E houve ainda uma terceira fase em 2010, em teoria até mais calma, depois de todos os tratamentos, em que Carla se permitiu finalmente revoltar-se e chorar um pouco. Porquê ela, mãe há tão pouco tempo? Ela que já fizera uma mamografia sem acusar nada, que ia ao médico de seis em seis meses e fazia palpação em casa? “Aí senti sobretudo vontade de escrever”, conta. Não se via sentada no gabinete de um psicólogo, não era coisa que lhe fizesse sentido, mas precisava de desabafar para seguir em frente.

“Falo muito abertamente disto porque nunca houve nada, no meio disto tudo, que me fizesse sentir inferior a ninguém. Não tenho um peito, há quem não tenha uma perna. E se calhar essa perna até faz mais falta, apesar da relação íntima que temos com o nosso peito.”

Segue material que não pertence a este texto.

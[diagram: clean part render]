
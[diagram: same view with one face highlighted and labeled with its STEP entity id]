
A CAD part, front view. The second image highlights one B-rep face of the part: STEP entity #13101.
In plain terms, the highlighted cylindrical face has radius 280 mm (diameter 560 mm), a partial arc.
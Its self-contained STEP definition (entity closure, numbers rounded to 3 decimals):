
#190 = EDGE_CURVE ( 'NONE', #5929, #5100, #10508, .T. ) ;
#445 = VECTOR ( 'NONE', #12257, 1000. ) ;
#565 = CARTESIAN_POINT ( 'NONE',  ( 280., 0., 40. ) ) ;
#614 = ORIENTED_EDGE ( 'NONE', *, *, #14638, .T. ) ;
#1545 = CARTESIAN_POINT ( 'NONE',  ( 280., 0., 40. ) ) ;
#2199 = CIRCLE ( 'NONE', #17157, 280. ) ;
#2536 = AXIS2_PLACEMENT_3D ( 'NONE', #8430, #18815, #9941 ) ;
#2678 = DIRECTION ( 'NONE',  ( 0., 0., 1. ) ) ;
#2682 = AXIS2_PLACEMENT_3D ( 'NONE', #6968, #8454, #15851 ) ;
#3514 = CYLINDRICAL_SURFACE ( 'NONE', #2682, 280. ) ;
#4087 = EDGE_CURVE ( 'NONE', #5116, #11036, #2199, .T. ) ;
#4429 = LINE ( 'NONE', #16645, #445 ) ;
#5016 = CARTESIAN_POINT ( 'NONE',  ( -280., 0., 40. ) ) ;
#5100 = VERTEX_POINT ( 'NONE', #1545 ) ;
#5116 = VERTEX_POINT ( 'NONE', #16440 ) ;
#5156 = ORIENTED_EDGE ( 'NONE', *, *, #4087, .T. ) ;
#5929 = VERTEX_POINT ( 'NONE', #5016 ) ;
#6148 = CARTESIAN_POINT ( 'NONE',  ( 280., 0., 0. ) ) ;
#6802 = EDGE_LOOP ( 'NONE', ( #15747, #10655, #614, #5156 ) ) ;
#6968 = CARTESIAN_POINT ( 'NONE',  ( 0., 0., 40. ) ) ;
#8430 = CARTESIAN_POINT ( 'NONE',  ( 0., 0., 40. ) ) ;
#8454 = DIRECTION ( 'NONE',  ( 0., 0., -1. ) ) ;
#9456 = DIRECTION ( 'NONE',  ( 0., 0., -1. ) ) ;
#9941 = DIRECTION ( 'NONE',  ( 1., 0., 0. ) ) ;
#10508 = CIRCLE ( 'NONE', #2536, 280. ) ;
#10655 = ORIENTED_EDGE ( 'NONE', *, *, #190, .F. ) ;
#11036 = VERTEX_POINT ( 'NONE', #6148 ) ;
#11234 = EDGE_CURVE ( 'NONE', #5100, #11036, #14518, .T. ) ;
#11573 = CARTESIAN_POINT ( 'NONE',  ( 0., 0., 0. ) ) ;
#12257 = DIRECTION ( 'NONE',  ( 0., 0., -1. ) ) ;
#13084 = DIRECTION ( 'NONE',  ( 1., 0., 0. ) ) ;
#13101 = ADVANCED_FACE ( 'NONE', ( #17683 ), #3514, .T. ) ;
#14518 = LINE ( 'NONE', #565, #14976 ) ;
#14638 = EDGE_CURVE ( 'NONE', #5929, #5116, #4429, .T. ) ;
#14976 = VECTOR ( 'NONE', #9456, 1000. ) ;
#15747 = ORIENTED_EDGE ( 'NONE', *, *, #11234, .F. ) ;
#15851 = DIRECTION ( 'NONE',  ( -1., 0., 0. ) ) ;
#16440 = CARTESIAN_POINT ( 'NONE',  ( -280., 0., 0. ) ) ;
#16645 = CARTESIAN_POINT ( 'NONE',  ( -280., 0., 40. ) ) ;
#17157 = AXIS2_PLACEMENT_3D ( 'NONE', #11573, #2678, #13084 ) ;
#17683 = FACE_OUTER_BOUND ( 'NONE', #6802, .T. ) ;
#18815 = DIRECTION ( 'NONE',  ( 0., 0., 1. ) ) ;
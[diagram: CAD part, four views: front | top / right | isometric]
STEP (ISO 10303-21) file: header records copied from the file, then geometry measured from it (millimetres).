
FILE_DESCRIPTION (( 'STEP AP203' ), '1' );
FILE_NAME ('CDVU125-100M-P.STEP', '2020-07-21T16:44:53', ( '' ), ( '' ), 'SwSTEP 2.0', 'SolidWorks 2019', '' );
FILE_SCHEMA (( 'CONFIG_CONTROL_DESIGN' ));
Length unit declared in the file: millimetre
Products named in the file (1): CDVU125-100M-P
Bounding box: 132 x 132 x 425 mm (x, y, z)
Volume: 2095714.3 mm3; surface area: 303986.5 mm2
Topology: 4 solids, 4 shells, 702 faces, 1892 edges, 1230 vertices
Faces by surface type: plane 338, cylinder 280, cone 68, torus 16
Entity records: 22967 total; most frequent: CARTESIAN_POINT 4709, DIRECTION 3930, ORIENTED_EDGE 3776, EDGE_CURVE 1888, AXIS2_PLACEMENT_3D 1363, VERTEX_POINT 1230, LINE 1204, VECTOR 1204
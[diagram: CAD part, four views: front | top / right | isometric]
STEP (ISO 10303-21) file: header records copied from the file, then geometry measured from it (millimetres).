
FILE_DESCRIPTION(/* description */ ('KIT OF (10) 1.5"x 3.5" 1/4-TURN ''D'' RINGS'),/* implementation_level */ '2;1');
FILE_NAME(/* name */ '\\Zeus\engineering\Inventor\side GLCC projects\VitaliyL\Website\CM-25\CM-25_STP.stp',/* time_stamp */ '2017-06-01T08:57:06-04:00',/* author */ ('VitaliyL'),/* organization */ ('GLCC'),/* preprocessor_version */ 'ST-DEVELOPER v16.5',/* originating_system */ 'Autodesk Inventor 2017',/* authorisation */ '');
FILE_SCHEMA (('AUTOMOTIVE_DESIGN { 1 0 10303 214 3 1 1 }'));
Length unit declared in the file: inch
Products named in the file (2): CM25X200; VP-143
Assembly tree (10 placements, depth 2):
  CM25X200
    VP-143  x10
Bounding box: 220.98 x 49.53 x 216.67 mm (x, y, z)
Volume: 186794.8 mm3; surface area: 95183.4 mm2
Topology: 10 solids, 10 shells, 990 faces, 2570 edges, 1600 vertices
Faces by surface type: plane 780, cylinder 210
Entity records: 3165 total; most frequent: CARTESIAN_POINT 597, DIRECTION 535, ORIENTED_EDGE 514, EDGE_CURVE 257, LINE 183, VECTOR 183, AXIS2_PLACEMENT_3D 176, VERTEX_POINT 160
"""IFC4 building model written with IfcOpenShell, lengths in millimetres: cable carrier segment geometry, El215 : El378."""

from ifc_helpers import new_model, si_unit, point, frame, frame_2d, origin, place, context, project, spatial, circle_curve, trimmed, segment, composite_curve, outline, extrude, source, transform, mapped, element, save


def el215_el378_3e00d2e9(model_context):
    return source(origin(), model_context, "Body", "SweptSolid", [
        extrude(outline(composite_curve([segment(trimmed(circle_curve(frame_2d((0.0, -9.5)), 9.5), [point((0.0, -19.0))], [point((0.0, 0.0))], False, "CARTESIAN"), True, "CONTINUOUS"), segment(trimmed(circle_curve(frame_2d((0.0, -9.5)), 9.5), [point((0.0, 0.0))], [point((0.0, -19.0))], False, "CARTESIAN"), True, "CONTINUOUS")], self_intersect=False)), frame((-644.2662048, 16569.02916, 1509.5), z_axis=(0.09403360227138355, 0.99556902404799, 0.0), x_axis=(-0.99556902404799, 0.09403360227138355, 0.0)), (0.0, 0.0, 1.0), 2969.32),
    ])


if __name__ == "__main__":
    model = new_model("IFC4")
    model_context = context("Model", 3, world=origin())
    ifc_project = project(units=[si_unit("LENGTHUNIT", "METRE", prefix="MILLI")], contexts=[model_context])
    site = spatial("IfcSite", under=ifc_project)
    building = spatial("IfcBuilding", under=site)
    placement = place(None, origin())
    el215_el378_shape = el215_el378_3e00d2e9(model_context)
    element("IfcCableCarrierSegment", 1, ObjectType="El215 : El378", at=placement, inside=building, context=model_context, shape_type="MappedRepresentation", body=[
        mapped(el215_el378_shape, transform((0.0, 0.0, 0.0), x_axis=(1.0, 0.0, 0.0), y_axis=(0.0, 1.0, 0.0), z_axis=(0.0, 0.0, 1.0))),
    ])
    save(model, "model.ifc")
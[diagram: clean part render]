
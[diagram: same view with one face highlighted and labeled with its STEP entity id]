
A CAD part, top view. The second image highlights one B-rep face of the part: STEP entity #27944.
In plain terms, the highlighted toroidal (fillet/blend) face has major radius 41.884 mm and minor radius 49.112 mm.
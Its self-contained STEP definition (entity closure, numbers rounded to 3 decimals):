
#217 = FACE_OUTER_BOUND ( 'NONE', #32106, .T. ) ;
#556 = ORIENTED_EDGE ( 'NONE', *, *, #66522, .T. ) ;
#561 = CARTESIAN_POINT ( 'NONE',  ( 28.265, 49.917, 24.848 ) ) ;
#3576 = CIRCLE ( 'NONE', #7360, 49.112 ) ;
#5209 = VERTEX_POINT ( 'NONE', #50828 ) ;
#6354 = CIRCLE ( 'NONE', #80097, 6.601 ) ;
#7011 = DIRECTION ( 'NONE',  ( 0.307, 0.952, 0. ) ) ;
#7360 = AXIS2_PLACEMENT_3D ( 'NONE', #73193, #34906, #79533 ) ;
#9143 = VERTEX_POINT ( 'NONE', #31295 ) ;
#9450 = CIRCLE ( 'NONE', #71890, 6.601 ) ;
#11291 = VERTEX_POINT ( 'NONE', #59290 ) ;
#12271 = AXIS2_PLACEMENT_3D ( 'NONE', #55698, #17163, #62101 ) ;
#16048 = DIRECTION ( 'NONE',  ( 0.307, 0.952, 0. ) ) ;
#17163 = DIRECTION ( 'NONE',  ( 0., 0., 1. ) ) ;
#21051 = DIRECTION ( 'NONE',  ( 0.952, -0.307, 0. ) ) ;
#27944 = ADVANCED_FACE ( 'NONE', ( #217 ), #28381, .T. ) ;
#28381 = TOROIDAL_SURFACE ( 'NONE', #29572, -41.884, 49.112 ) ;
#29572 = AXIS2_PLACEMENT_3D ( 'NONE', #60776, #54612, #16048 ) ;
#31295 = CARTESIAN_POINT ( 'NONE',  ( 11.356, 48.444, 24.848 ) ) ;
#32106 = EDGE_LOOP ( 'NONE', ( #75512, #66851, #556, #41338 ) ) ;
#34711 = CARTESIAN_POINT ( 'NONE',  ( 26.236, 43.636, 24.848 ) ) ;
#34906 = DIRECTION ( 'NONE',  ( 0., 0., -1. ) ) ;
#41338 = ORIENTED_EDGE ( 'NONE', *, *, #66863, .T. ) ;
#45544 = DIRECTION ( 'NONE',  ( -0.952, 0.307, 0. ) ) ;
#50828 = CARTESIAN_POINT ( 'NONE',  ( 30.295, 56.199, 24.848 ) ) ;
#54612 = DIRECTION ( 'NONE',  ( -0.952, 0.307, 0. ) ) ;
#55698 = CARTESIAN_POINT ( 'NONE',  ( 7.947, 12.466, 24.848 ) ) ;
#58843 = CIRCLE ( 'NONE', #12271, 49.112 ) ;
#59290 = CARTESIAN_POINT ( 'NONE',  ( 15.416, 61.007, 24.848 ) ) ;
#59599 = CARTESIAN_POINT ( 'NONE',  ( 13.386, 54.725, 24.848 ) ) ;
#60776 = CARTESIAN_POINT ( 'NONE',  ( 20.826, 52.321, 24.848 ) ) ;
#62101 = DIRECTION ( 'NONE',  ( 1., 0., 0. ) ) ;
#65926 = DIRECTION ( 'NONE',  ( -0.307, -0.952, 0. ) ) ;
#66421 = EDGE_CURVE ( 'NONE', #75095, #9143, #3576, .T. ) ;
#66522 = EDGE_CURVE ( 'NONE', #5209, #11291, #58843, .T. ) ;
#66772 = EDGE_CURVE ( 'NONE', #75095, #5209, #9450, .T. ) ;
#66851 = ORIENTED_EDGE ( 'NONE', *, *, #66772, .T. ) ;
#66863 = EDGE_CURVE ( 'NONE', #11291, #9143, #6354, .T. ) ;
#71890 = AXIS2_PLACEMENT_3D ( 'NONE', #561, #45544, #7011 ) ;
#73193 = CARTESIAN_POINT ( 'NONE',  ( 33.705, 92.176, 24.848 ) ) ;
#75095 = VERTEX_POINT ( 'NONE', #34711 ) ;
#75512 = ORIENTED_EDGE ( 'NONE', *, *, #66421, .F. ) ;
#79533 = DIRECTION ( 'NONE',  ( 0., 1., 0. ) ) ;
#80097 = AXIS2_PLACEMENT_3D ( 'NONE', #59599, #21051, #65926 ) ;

Resolveu a questão criando o blogue Viver Com Cancro da Mama para confortar outras mulheres como ela, na luta. “A minha fase má durou oito meses, foram os piores de sempre da minha vida, mas passaram”, sublinha, mais forte do que nunca aos 42 anos. Ainda hoje faz tratamentos de hormonoterapia, um comprimido por dia, para prevenir o aparecimento de novos tumores. Sacrificou o útero e os ovários e, com eles, os filhos que sonhava vir a ter. Mas Carla Amorim é a prova concreta, de carne e osso e longos cabelos, de que nem todos os cancros são a morte.